**Work request:** For the entries that follow, restate word for word the line containing "## Polygon pours", the line containing "730,814.62 549.65,634.26 378.94,634.26", and every line that lies between them.

**Materials provided:**
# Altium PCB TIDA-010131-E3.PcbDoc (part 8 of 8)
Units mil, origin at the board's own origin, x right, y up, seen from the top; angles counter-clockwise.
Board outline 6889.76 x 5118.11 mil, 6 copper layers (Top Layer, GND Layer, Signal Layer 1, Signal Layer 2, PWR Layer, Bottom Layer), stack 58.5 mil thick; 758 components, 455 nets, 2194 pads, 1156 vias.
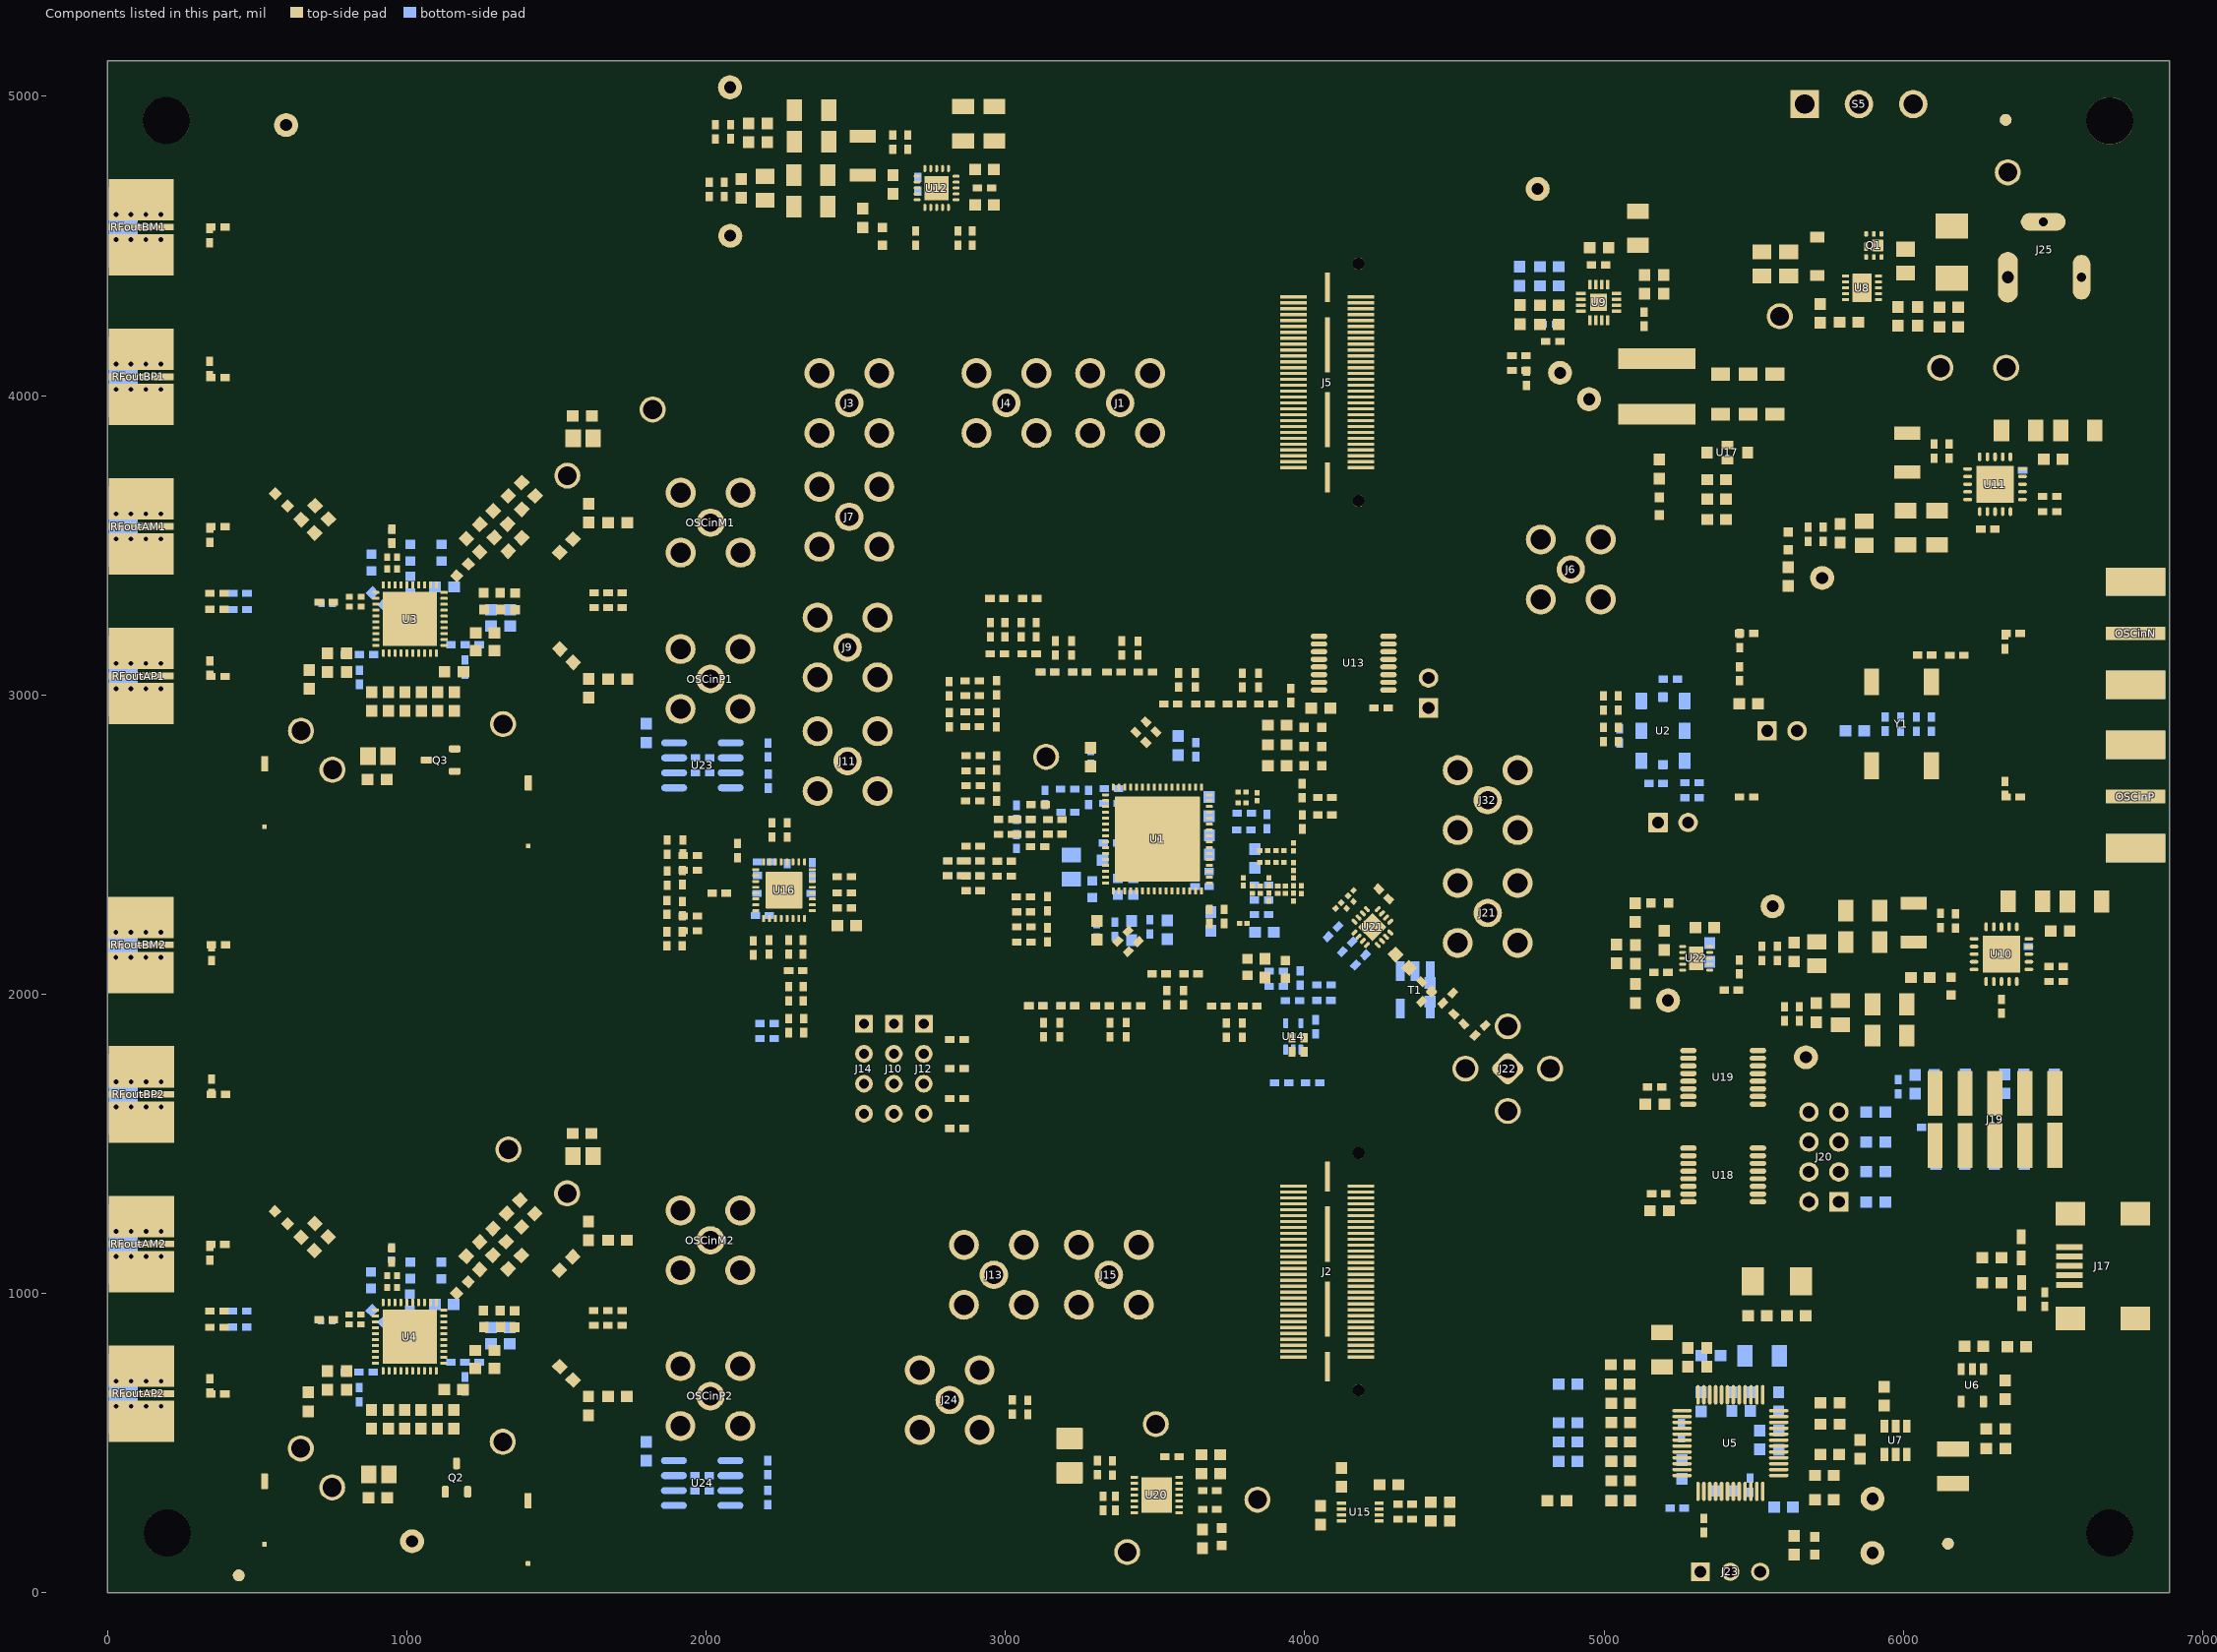
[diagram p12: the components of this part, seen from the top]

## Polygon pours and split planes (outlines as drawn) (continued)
no net on Top Solder "h" (solid): 378.94,634.26 2.41,634.26 -0.76,631.1 -0.76,697.1 6.02,690.32 379.46,690.32 508.41,690.32 619.48,801.39 657.18,839.1 678.24,839.1 695.24,856.1 775.24,856.1 798.24,856.1 828.24,886.1 831.61,889.46 831.61,942.65 808.82,965.43 685.15,965.43 639.96,1010.62 518.63,1131.95 380.29,1131.95 8.39,1131.95 -0.76,1141.1 -0.76,1202.55 6.13,1195.66 379.26,1195.66 539.68,1195.66 677.24,1058.1 712.24,1023.1 753.24,1023.1 785.92,1023.1 853.79,955.24 877.96,931.06 889.26,931.06 895.77,924.54 895.77,899.02 875.61,899.02 860.24,883.65 791.22,814.62 730,814.62 549.65,634.26 378.94,634.26
no net on Top Solder "h" (solid): 368.67,1121.97 368.67,1138.66 363.25,1144.08 296.82,1144.08 306,1134.89 306,1121.97 306,703.27 263.82,661.08 407.82,661.08 368.82,700.08 368.82,729.08 368.82,1124.11
no net on Top Solder "h" (solid): 369.43,3519.87 369.43,3536.57 364.01,3541.98 297.58,3541.98 306.76,3532.79 306.76,3519.87 306.76,3101.17 264.58,3058.98 408.58,3058.98 369.58,3097.98 369.58,3126.98 369.58,3522.01
no net on Top Solder "h" (solid): 379.7,3032.16 3.16,3032.16 0,3029 0,3095 6.77,3088.23 380.22,3088.23 509.17,3088.23 620.23,3199.3 657.94,3237 679,3237 696,3254 776,3254 799,3254 829,3284 832.37,3287.37 832.37,3340.55 809.58,3363.33 685.91,3363.33 640.72,3408.52 519.39,3529.85 381.05,3529.85 9.15,3529.85 0,3539 0,3600.45 6.89,3593.56 380.02,3593.56 540.44,3593.56 678,3456 713,3421 754,3421 786.68,3421 854.54,3353.14 878.72,3328.96 890.01,3328.96 896.53,3322.44 896.53,3296.92 876.37,3296.92 861,3281.55 791.97,3212.52 730.76,3212.52 550.4,3032.16 379.7,3032.16
no net on Top Solder "h" (solid): 368.85,4520.89 368.85,4537.59 363.44,4543 297,4543 306.19,4533.81 306.19,4520.89 306.19,4102.19 264,4060 408,4060 369,4099 369,4128 369,4523.03
no net on Top Solder "h" (solid): 10.56,4014.86 468.56,4014.86 528.82,4075.12 528.82,4356.56 541.31,4369.05 601.47,4369.05 619.48,4351.04 619.48,4095.52 681,4034 833.28,3881.72 833.28,3723.5 833.28,3443.64 872.62,3404.3 914.36,3404.64 934.9,3384.1 934.9,3369.91 969.01,3369.91 969.01,3391.01 982.64,3404.64 1003.74,3404.64 1027.76,3428.66 1056,3456.9 1056,3497.79 1073.04,3514.83 1073.03,4336.97 961,4449 803.88,4606.12 385.16,4606.12 5.67,4606.12 0.33,4600.78 0.33,4537.32 3.65,4534 202,4534 206,4538 298,4538 331,4538 360.82,4501.13 383.06,4523.37 766.14,4523.37 995.34,4294.17 995.34,3451.1 979.11,3434.87 923.38,3434.87 915,3443.25 915,3459 915,3486 909,3492 909,3918 820,4007 700,4127 700,4393 651.14,4441.86 476.89,4441.86 448.49,4413.45 448.49,4369.05 448.49,4112.15 426.17,4089.83 1.83,4089.83 1,4089 1,4045 1,4024.42
VDDD33 on Signal Layer 1 "12" (solid, remove dead copper, pour order 437): 5083,1904 4616,1437 4616,776 4479,639 3203,639 3100,536 3100,82 3147,35 6748,35 6828,115 6828,1702 6795,1735 5990,1735 5821,1904
GND on Signal Layer 1 "PWR Layer-No Net" (solid, remove dead copper, pour order 440): 4459.93,894.93 4254,689 3085,689 3009,613 3009,118 3009,58.5 2985.5,35 63.5,35 13,85.5 13,764 13,5011.5 77,5075.5 4320.5,5075.5 4458.16,4937.85
+3.3V_ALL on Signal Layer 1 "h" (solid, remove dead copper, pour order 411): 4685.5,5024 4615,5024 4546.5,4955.5 4514.5,4923.5 4514.5,4377.5 4514.5,2262.5 4841,1936 5843,1936 6014.5,1764.5 6630,1764.5 6799,1764.5 6831,1796.5 6831,4916 6723.49,5023.51
GND on Bottom Layer "h" (solid, remove dead copper, pour order 445): 282.85,35 63.5,35 25,73.5 25,5023.5 77,5075.5 6717,5075.5 6840.5,4952 6853.85,4938.65 6853.85,4240 6853.85,111 6777.85,35
GND on Bottom Layer "12" (solid, pour order 439): 4221,2266 4182,2227 4182,2222 4222,2182 4230,2182 4268,2220 4268,2229 4231,2266 4221,2266
5V on Bottom Layer "PWR Layer-No Net" (solid, remove dead copper, pour order 435): 5607,5053 5704,5053 5736,5021 5738,5019 5738,4938 5738,4731 6230,4239 6248,4239 6341,4239 6403,4177 6426,4154 6426,4063 6426,4043 6367,3984 6344,3961 6149,3961 6002,3961 5606,4357 5493,4470 5493,4731 5493,4959 5563,5029 5587,5053
NetJ25_1 on Bottom Layer "PWR Layer-No Net" (solid, remove dead copper, pour order 434): 5802,5038 5891,5038 5916,5013 5945,4984 5945,4913 5945,4811 6186,4570 6241,4515 6324,4515 6369,4515 6400,4484 6410,4474 6410,4399 6410,4305 6387,4282 6382,4277 6321,4277 6248,4277 5780,4745 5780,4902 5780,5016
GND on Signal Layer 2 "h" (solid, remove dead copper, pour order 441): 282.85,35 63.5,35 25,73.5 25,5023.5 77,5075.5 6717,5075.5 6840.5,4952 6853.85,4938.65 6853.85,4240 6853.85,111 6777.85,35
+2.5V on Signal Layer 2 "12" (solid, remove dead copper, pour order 438): 5085,2368 5430,2368 5459,2339 5467,2331 5467,2273 5467,1966 5437,1936 5032,1936 4991,1977 4991,2338 5021,2368
GND on GND Layer "h" (solid, remove dead copper, pour order 442): 282.85,35 63.5,35 25,73.5 25,5023.5 77,5075.5 6717,5075.5 6840.5,4952 6853.85,4938.65 6853.85,4240 6853.85,111 6777.85,35

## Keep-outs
Keep-Out Layer:
  lines w10: 6890.89,354.66 6890.89,4685.37 ; 0,0 6889.76,0 6889.76,5118.11 0,5118.11 0,0
  text ".Layer_Name" at -231.37,-1903.49 h60
Multi-Layer:
  circle w6: c4180.64,676.77 r30
  circle w6: c4180.64,1469.29 r30
  circle w6: c4180.64,3648.11 r30
  circle w6: c4180.64,4440.63 r30

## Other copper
Top Layer:
  pour cut-out: 6843.57,3263 6853.85,3252.72 6853.85,3152.85 6844,3143 6670,3143 6664,3149 6664,3258 6669,3263
  pour cut-out: 6843.57,2718 6853.85,2707.72 6853.85,2607.85 6844,2598 6670,2598 6664,2604 6664,2713 6669,2718
  pour cut-out: 4877,4394 4641,4394 4624,4377 4624,4175 4636,4163 4819,4163 4824,4168 4824,4188 4831,4195 4831,4162 4816.29,4147.29 4622.93,4147.29 4604.45,4165.77 4604.45,4385.38 4627.05,4407.99 4890.99,4407.99
  pour cut-out: 5384.39,3833.99 5384.39,3844.39 5393,3853 5394.61,3851.39 5432.61,3851.39 5432.61,3862.27 5371.96,3862.27 5371.96,3858.93 5370.64,3857.61
  region net GND: 4234,2279 4234,2290 4323,2379 4331,2379 4349,2361 4349,2355 4283,2289 4283,2283 4283,2259 4263,2239 4263,2232 4268,2227 4268,2221 4233,2186 4223,2186 4185,2224 4185,2230
  pour cut-out: 1076.07,752.75 1092.25,752.75 1096,749 1096,732 1091.39,727.4 1072.32,727.4 1070,729.72 1070,746.68
  text "TOP LAYER" at -232.15,-1885 h60
GND Layer:
  text "GND Layer" at -205,-1900 h60
Signal Layer 2:
  text "Signal Layer2" at -215,-1900 h60
Signal Layer 1:
  text "Signal Layer1" at -225,-1890 h60
PWR Layer:
  text "PWR Layer" at -195,-1890 h60
Bottom Layer:
  text "BOTTOM LAYER" at -231.37,-1903.49 h60

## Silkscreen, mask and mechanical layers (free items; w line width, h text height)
Top Overlay:
  drawing of 487 lines, arcs and shapes, not listed
  text "+3.3V_LMXRF" at 1694.68,4987.01 h30
  text "GND" at 560.11,4794.49 h30
  text "PGND" at 6455,4709 h30
  text "TIDA-010131-E3" at 3278.18,4651.02 h80
  text "+3.3V_LMX" at 1911.74,4434.15 h30
  text "5VIN" at 5675.09,4093.58 h30 r90
  text "5V" at 6437,4023 h30
  text "EN" at 6016.56,4007.17 h30
  text "B" at 3455,3636 h30
  text "A" at 3096,3619 h30
  text "+3.3V_VCO" at 5788.76,3350 h30
  text "+3.3V_VCO" at 5203.22,2645.43 h30 r90
  text "CLKINN" at 4781.86,2592.14 h30
  text "+3.3V_VCO" at 5573.22,2559.43 h30 r90
  text "A" at 2904,2552 h30
  text "C" at 3762.83,2444.56 h40
  text "B" at 2730,2427 h30
  text "+3.3V_LMK" at 5485.43,2406.78 h30
  text "+2.5v" at 5153,2389 h30
  text "CLKINP" at 4779.47,2205.12 h30
  text "VDD33" at 5618,1688.68 h30
  text "LMK_CLKIN" at 4792,1535 h30 r45
  text "C" at 4393,1443 h40
  text "VDD33" at 5397,139 h30 r90
  text "V_BUS" at 5552,130 h30 r90
  text "VREGIN" at 5445,129 h30 r90
  text "GND" at 873.48,125 h30
  text "GND" at 5977,90 h30
  text "TOP OVERLAY" at -231.37,-1903.49 h50
Bottom Overlay:
  lines w6: 838.89,949.64 849.89,938.64 852.89,938.64 ; 949.65,3440.55 967.65,3458.55 983.65,3458.55 ; 1214.74,687.74 1214.74,698.1 ; 1985.35,276.78 1985.35,307.06 ; 1986.27,229.7 1986.27,251.14 ; 1988.81,2677.47 1988.81,2707.75 ; 1989.73,2630.4 1989.73,2651.84 ; 2095.32,2306.91 2136.32,2306.91 2145.82,2316.41 ; 2112.32,2386.91 2141.32,2386.91 ; 2291.32,2459.91 2297.32,2465.91 ; 2375.82,2316.41 2386.32,2305.91 2388.32,2305.91 ; 2901,2286 2901,2311 ; 2945.72,2554.28 3012.78,2554.28 ; 2946,2605 3008.16,2605 3013.16,2600 ; 3104.58,2713.76 3109.64,2708.71 ; 3200,2834 3200,2790.03 3250,2740.03 3250,2714 ; 3297.17,2469.08 3297.17,2472.3 ; 3407.24,2623.19 3439.39,2623.19 3454.6,2638.4 3454.6,2664.68 ; 3559.97,2374.66 3560.97,2375.66 3560.97,2391.66 3577.97,2408.66 3606.97,2408.66 ; 3708.84,2464.78 3724.85,2464.78 3735.02,2464.78 ; 3799.97,2042.66 3803.76,2046.44 3857.03,2046.44 ; 3800.86,2637.97 3800.86,2660.67 ; 3865.97,1985.66 3866.97,1986.66 3908.97,1986.66 ; 3903.57,2286.28 3939.59,2286.28 ; 3903.57,2335.28 3936.44,2335.28 3940.94,2330.78 ; 4024,1834 4024,1821 4030,1815 ; 4161.74,2206.73 4161.74,2213.74 4167,2219 ; 4886.59,4420.6 4902.29,4404.9 4923.23,4404.9 ; 5392.11,561.18 5392.11,569.24 5399.08,576.22 ; 5516.47,699 5529.5,712.04 ; 5583.06,422.64 5583.06,441.51 ; 5618.18,691.01 5641.55,691.01 ; 5951,1373 5951,1365 5953,1363 5967,1363 ; 5967.98,1478.8 5979.78,1467 5991,1467 ; 6048,1823 6066.27,1804.73 6066.27,1758.98 ; 1985.35,307.06 1992.51,299.9 1977.9,299.9 1985.06,307.06 1985.35,307.06 ; 1986.27,251.14 1993.01,244.4 1980.25,244.4 1986.27,250.43 1986.27,251.14 ; 1988.81,2707.75 1988.51,2707.75 1981.35,2700.6 1995.96,2700.6 1988.81,2707.75 ; 1989.73,2651.84 1989.73,2651.12 1983.71,2645.1 1996.47,2645.1 1989.73,2651.84 ; 2901,2311 2902,2311 2908,2305 2895,2305 2901,2311 ; 3800.86,2660.67 3795.09,2654.91 3794.84,2654.91 3806.62,2654.91 3800.86,2660.67
  text "BOTTOM OVERLAY" at -117.15,-1917 h50
Top Paste:
  text "TOP PASTE" at -231.37,-1903.49 h60
Bottom Paste:
  text "BOTTOM PASTE" at -231.37,-1903.49 h60
Top Solder:
  text "TOP SOLDER" at -231.37,-1903.49 h60
Bottom Solder:
  text "BOTTOM SOLDER" at -231.37,-1903.49 h60
Drill Guide:
  text ".Layer_Name" at -231.37,-1903.49 h60
M1 Board Outline:
  the board outline again, w10
M2 Board Dimensions:
  rectangle: -683.87,-1455.5 -308.87,-1330.5
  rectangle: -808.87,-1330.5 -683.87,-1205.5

**Solution for this exercise:**
## Polygon pours and split planes (outlines as drawn) (continued)
no net on Top Solder "h" (solid): 378.94,634.26 2.41,634.26 -0.76,631.1 -0.76,697.1 6.02,690.32 379.46,690.32 508.41,690.32 619.48,801.39 657.18,839.1 678.24,839.1 695.24,856.1 775.24,856.1 798.24,856.1 828.24,886.1 831.61,889.46 831.61,942.65 808.82,965.43 685.15,965.43 639.96,1010.62 518.63,1131.95 380.29,1131.95 8.39,1131.95 -0.76,1141.1 -0.76,1202.55 6.13,1195.66 379.26,1195.66 539.68,1195.66 677.24,1058.1 712.24,1023.1 753.24,1023.1 785.92,1023.1 853.79,955.24 877.96,931.06 889.26,931.06 895.77,924.54 895.77,899.02 875.61,899.02 860.24,883.65 791.22,814.62 730,814.62 549.65,634.26 378.94,634.26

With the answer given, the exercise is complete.